Enam Duel Paling Akbar dalam Sejarah Tinju Dunia

Liberty Jemadu Suara.Com
Jum'at, 01 Mei 2015 | 12:00 WIB
Enam Duel Paling Akbar dalam Sejarah Tinju Dunia
Duel Max Schmeling vs Joe Louis (New York City, 1936) [Screenshot YouTube].
Follow Suara.com untuk mendapatkan informasi terkini. Klik WhatsApp Channel & Google News

Suara.com - Minggu (3/4/2015) esok para pecinta olahraga tinju di Tanah Air akan menjadi saksi salah satu duel paling akbar abad ini, yang mempertemukan Floyd Mayweather dengan Manny Pacquiao.

Pertarungan antara dua juara dunia ini sudah dinantikan selama bertahun-tahun dan menambah deretan daftar duel paling akbar di dunia. Berikut adalah enam pertarungan terbesar yang pernah disaksikan oleh dunia:

Max Schmeling vs Joe Louis (New York City, 1936)

Laga kelas berat ini sangat kental dengan aroma politik karena digelar menjelang Perang Dunia II. Schmeling asal Jerman melawan petinju Amerika Serikat, Louis di Yankee Stadium, New York.

Schmeling dengan mudah mengalahkan Louis, petinju karir kulit hitam pertama AS. Di ronde keempat Louis sudah dipaksa mencium kanvas. Louis berhasil bangkit kembali, tetapi menjadi bulan-bulanan Schmeling di ronde berikutnya. Pada ronde 12 ia kembali jatuh oleh sebuah uppercut keras.

Itu adalah kekalah pertama Louis, yang dijuluki Brown Bomber. Ia baru merasakan kekalahan 15 tahun kemudian. Louis sendiri berhasil membalas kekalahannya atas Schmeling pada 1941.

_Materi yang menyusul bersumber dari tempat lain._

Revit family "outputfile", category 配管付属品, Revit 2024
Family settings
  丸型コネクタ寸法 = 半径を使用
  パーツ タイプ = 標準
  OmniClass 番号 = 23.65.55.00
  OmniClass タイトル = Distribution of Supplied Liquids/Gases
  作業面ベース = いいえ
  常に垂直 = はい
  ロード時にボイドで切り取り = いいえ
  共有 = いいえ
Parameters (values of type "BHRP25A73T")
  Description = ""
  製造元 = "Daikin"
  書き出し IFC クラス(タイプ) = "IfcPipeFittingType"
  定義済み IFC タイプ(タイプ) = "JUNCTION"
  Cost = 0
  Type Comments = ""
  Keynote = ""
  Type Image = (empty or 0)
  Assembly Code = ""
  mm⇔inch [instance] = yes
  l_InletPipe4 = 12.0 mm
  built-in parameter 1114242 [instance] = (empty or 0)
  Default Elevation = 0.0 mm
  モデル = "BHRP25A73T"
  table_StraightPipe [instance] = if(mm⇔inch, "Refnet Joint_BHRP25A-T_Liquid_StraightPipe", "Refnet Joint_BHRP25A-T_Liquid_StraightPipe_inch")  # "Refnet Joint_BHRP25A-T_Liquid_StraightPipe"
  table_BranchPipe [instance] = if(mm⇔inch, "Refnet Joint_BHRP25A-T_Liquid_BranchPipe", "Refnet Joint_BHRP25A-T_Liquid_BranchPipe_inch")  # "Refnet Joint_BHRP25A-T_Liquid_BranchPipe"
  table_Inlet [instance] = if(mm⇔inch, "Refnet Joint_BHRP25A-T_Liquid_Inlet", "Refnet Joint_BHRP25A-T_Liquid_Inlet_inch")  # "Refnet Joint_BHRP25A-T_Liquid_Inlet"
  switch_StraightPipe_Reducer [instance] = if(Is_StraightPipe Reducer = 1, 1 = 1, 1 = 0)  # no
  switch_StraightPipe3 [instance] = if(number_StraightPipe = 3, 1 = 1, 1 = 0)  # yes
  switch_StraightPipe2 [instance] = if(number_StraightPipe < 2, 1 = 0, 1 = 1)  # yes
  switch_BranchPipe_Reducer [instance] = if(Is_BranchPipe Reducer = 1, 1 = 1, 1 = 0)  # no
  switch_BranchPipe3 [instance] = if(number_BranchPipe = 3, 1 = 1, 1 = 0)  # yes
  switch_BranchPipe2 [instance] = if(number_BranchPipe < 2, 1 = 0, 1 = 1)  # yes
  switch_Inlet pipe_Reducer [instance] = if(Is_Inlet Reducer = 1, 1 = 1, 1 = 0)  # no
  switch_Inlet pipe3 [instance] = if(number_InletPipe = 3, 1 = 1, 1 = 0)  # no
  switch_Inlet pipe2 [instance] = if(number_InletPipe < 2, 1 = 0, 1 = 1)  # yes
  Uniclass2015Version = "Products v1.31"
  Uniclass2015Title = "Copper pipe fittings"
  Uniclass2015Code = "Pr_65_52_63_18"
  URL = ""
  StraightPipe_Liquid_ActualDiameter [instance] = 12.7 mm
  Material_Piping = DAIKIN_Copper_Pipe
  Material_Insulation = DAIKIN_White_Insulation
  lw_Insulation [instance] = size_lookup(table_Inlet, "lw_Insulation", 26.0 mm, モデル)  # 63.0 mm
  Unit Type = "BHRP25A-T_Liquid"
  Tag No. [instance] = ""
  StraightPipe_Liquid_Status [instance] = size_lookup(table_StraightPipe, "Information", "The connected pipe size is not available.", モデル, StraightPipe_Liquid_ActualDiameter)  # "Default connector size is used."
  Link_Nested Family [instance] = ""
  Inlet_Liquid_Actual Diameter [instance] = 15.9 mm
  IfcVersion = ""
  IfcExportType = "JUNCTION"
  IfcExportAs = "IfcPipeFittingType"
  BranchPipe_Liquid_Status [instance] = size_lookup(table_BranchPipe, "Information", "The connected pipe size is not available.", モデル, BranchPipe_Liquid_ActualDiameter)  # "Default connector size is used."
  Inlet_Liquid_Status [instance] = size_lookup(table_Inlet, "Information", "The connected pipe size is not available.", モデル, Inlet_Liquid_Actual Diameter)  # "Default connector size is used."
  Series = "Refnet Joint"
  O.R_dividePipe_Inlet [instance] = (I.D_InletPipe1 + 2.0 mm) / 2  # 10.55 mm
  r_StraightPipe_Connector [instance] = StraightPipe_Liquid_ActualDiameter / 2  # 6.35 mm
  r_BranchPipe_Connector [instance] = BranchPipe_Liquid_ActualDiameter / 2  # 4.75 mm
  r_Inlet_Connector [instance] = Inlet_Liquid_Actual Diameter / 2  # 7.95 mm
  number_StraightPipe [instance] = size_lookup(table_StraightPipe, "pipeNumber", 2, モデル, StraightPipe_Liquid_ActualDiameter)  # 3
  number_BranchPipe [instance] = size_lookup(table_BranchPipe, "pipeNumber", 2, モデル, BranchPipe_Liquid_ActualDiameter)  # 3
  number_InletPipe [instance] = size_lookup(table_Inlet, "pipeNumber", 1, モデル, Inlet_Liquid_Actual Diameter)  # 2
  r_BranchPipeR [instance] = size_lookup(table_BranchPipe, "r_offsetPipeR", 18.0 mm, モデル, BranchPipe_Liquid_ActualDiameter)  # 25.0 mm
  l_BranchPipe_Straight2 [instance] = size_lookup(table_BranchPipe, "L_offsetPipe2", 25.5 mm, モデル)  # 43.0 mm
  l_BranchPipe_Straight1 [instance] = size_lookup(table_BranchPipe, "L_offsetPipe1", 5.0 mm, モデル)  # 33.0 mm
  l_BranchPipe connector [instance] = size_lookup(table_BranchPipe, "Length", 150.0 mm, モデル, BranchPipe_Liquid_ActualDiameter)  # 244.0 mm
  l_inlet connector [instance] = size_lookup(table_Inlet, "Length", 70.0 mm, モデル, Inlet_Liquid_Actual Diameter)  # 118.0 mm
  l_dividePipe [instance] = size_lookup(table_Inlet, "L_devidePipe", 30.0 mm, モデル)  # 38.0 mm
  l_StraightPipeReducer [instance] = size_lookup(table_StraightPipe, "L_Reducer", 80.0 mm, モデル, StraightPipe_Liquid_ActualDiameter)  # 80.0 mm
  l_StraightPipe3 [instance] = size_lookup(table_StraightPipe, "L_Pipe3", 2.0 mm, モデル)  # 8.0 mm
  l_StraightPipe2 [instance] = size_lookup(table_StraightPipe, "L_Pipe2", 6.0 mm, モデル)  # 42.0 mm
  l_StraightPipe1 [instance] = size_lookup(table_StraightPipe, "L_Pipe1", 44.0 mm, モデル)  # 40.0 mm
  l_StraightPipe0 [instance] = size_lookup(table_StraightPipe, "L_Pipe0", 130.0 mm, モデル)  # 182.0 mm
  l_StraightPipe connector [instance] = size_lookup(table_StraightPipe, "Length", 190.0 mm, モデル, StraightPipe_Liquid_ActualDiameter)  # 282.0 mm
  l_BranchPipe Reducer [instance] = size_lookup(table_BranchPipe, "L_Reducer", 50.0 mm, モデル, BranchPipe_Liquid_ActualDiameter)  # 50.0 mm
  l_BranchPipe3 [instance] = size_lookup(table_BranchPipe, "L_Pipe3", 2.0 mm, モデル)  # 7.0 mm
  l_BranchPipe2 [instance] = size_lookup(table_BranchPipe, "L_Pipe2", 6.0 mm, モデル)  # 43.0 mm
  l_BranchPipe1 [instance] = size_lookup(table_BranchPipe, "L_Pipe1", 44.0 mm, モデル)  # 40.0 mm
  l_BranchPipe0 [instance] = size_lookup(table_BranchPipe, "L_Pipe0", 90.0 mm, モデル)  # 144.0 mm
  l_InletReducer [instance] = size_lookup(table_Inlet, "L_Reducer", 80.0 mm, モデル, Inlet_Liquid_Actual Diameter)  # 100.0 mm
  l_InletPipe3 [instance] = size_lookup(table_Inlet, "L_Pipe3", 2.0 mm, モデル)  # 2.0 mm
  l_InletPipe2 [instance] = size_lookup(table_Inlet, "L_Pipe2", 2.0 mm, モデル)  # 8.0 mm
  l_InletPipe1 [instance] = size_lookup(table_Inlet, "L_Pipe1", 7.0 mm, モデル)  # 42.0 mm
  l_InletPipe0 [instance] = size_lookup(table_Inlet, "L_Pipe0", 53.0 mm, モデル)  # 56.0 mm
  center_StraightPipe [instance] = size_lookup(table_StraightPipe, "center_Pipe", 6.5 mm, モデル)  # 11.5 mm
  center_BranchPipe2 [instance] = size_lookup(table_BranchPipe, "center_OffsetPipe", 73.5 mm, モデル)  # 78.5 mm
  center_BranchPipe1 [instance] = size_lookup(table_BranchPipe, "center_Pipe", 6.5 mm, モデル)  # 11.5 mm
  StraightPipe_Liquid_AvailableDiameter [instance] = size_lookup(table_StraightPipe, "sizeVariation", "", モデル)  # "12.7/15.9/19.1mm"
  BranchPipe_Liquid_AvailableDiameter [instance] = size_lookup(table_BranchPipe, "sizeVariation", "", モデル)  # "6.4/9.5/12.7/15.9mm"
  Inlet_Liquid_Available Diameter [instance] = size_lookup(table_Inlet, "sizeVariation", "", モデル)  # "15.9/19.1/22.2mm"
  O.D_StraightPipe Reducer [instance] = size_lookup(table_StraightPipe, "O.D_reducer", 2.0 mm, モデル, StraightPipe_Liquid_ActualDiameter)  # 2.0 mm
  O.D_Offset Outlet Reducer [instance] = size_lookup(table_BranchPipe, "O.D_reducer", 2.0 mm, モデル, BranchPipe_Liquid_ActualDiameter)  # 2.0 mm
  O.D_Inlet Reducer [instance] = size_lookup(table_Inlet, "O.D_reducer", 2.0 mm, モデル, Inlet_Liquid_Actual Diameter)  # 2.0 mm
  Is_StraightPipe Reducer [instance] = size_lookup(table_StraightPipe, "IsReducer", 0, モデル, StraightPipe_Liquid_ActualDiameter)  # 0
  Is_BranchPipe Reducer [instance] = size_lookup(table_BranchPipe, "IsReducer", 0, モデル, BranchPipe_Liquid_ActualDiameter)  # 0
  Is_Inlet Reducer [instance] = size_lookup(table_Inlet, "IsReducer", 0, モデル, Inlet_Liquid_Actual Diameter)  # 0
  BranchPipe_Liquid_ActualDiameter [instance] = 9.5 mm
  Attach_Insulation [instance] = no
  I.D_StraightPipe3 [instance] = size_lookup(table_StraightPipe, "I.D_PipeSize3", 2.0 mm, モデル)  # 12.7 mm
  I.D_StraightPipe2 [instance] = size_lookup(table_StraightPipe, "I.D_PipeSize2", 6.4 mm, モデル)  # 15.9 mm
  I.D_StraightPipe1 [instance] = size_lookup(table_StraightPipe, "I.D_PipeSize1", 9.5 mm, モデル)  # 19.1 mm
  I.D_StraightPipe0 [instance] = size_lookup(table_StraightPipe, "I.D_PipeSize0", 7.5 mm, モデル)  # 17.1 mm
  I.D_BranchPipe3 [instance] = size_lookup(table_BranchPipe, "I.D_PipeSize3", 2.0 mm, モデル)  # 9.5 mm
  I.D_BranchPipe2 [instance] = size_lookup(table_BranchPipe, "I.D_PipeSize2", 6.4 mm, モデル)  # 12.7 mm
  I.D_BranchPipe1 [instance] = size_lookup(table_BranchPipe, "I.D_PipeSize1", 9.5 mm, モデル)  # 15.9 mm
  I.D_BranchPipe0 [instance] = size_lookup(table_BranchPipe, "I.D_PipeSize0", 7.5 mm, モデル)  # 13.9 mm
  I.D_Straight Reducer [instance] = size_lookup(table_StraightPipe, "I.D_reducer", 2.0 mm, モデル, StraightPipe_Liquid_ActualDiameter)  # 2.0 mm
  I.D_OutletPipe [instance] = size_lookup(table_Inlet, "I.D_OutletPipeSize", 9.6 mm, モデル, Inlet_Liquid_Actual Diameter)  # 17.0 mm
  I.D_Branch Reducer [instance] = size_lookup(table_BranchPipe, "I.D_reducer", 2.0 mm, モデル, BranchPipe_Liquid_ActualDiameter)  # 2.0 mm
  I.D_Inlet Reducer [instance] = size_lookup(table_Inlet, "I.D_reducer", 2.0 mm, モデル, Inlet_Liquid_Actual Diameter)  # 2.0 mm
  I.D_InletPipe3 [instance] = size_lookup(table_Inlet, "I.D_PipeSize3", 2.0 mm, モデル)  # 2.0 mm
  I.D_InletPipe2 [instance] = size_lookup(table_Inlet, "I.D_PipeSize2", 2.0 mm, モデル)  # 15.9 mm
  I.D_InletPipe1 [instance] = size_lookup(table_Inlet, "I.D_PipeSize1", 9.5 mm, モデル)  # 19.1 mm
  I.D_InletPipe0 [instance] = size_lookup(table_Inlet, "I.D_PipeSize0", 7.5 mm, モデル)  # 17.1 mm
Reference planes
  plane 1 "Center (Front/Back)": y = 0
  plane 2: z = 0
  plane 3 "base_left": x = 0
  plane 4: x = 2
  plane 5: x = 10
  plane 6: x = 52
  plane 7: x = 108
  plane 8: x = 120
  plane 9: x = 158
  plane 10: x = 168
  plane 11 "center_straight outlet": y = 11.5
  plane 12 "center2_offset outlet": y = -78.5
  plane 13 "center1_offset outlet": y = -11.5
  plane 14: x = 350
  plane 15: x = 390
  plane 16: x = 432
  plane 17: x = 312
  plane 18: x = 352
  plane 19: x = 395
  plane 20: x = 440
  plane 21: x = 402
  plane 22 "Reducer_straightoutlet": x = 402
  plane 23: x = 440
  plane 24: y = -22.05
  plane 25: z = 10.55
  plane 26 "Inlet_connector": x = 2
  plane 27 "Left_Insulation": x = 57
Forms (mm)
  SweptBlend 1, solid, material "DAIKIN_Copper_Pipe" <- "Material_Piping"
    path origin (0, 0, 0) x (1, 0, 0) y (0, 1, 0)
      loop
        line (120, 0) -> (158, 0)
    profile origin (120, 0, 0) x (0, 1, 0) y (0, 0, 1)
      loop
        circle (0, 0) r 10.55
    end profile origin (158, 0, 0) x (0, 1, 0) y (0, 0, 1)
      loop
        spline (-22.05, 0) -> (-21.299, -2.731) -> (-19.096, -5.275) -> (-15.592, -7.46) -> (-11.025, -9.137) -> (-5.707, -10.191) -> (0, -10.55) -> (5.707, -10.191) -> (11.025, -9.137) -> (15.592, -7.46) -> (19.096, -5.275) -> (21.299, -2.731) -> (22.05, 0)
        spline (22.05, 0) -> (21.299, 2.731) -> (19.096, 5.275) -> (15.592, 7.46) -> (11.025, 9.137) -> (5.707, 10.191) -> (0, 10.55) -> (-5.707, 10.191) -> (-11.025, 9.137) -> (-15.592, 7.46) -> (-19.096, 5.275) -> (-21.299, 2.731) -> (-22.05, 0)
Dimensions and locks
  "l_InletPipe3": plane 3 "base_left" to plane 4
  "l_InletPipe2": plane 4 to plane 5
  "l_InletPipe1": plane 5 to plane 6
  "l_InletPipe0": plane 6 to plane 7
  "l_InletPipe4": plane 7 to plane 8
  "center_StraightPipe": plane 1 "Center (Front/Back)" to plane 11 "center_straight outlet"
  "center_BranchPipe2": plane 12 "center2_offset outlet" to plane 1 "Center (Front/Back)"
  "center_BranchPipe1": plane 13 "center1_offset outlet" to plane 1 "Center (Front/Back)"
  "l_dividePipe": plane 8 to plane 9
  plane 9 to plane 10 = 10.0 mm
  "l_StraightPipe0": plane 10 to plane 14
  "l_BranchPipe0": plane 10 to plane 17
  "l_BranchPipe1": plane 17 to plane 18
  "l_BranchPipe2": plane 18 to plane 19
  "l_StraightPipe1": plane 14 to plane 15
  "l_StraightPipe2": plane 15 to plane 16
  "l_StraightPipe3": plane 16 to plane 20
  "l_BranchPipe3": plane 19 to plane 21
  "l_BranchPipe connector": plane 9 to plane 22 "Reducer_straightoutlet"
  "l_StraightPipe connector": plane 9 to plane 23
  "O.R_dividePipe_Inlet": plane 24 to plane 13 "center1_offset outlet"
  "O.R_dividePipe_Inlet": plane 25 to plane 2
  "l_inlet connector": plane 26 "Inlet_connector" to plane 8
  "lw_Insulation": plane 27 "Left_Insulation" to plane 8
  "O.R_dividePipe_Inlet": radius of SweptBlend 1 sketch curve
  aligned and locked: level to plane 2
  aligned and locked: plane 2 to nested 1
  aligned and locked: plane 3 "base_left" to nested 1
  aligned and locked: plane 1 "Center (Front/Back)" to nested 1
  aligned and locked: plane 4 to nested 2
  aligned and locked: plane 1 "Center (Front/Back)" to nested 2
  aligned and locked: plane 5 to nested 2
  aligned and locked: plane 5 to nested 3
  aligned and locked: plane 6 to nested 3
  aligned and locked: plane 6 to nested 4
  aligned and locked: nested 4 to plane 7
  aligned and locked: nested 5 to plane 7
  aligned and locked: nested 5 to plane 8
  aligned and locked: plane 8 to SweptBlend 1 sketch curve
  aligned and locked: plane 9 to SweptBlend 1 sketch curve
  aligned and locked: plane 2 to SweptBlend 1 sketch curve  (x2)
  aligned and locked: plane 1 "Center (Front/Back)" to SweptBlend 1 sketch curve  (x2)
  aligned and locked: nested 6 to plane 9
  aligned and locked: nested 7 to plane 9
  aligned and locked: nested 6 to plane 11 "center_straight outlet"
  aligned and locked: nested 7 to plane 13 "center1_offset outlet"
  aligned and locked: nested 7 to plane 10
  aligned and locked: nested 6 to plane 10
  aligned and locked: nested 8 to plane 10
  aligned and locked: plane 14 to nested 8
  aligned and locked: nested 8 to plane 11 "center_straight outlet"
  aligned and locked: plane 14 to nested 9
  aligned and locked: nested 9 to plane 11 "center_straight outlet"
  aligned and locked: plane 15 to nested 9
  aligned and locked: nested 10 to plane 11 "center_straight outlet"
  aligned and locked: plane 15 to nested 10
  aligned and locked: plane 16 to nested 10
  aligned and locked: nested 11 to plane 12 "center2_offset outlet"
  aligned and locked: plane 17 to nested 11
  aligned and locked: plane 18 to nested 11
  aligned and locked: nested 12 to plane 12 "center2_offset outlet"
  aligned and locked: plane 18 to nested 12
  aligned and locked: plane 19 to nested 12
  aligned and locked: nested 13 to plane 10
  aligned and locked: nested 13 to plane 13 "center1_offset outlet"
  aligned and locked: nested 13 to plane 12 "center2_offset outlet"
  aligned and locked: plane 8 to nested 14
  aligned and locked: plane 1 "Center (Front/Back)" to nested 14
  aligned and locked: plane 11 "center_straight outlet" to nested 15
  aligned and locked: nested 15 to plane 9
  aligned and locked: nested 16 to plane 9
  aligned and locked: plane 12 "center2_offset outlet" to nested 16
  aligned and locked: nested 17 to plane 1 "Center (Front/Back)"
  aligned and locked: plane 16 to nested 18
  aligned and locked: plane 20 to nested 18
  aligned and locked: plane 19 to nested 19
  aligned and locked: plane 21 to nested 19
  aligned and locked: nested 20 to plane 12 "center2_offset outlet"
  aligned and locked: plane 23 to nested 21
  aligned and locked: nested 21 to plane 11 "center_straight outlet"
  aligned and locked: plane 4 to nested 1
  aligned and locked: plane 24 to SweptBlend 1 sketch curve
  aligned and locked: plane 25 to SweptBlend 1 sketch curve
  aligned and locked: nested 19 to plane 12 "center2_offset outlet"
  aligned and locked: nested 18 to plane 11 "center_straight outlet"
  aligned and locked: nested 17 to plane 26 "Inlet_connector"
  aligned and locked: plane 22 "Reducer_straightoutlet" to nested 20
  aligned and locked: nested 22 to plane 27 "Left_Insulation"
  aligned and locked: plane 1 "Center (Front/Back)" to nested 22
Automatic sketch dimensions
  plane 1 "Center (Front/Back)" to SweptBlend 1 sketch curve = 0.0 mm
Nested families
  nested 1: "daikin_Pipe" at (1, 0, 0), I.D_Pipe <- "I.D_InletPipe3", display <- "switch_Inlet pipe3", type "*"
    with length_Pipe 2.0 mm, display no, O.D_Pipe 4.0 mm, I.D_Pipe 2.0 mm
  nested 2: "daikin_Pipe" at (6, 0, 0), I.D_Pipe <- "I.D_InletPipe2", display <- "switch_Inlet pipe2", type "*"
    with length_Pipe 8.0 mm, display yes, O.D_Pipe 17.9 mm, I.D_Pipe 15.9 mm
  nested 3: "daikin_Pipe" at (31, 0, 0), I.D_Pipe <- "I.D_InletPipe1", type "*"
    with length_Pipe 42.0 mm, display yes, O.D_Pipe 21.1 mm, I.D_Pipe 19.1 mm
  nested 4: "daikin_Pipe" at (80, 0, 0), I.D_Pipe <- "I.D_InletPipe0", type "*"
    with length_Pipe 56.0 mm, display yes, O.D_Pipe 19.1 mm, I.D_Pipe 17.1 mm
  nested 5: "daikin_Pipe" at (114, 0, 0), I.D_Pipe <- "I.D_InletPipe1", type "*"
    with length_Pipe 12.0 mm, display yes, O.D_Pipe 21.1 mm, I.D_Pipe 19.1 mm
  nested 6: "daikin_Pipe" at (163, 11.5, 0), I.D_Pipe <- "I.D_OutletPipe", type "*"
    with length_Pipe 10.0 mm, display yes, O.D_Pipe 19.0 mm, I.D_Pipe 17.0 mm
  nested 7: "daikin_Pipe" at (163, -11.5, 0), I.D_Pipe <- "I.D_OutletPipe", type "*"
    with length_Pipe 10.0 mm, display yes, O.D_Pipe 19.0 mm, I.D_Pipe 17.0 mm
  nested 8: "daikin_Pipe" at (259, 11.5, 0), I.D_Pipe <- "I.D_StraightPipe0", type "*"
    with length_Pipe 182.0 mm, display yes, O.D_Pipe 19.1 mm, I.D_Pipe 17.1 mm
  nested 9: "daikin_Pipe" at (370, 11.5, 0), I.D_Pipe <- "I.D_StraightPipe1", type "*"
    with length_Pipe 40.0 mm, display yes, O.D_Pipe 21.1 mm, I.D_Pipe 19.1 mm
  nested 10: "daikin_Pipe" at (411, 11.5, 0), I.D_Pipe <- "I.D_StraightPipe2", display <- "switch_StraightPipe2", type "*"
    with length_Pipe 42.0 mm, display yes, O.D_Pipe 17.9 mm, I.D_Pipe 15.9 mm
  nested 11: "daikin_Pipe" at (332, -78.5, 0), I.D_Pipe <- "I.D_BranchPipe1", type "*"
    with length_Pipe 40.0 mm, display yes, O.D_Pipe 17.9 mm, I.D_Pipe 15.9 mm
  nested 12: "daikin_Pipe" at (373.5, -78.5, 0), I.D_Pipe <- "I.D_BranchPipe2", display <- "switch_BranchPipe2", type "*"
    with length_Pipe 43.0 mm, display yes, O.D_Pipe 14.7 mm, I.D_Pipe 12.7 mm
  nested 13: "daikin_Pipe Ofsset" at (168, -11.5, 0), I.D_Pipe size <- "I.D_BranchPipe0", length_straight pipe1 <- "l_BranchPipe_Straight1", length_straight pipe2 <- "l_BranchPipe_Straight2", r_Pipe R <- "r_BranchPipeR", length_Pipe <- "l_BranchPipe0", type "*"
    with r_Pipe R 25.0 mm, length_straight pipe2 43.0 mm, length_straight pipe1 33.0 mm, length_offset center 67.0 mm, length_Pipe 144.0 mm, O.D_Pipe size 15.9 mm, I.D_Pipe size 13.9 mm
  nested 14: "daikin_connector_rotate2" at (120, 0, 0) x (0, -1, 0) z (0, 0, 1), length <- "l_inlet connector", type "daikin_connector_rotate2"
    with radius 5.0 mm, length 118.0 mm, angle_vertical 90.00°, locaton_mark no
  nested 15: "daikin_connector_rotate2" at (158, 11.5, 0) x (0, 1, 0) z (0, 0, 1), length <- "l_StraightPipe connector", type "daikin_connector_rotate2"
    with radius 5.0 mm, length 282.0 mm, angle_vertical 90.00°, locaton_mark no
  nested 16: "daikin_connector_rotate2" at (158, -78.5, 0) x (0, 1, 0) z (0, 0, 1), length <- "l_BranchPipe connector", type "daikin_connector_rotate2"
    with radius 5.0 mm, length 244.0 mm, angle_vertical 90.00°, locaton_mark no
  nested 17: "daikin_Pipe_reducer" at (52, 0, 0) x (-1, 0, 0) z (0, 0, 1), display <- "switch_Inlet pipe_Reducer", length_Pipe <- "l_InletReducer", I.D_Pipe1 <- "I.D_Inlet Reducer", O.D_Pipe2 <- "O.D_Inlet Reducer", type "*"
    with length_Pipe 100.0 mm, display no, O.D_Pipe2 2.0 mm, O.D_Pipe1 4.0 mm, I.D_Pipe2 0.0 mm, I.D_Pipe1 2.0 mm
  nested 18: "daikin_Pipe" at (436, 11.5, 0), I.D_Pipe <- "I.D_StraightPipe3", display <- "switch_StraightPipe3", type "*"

"Untuk kemenangan yang indah suami Anda, petinju besar Jerman, saya harus mengucapkan selamat kepada Anda dari hati yang paling dalam," pesan Kanselir Jerman, Adolf Hitler, kepada istri Schmeling.

Joe Frazier vs Muhammad Ali (New York City, 1971)

Laga yang dikenal dengan sebutan "Pertarungan Abad Ini" adalah duel brutal yang berlangsung dramatis sepanjang 15 ronde.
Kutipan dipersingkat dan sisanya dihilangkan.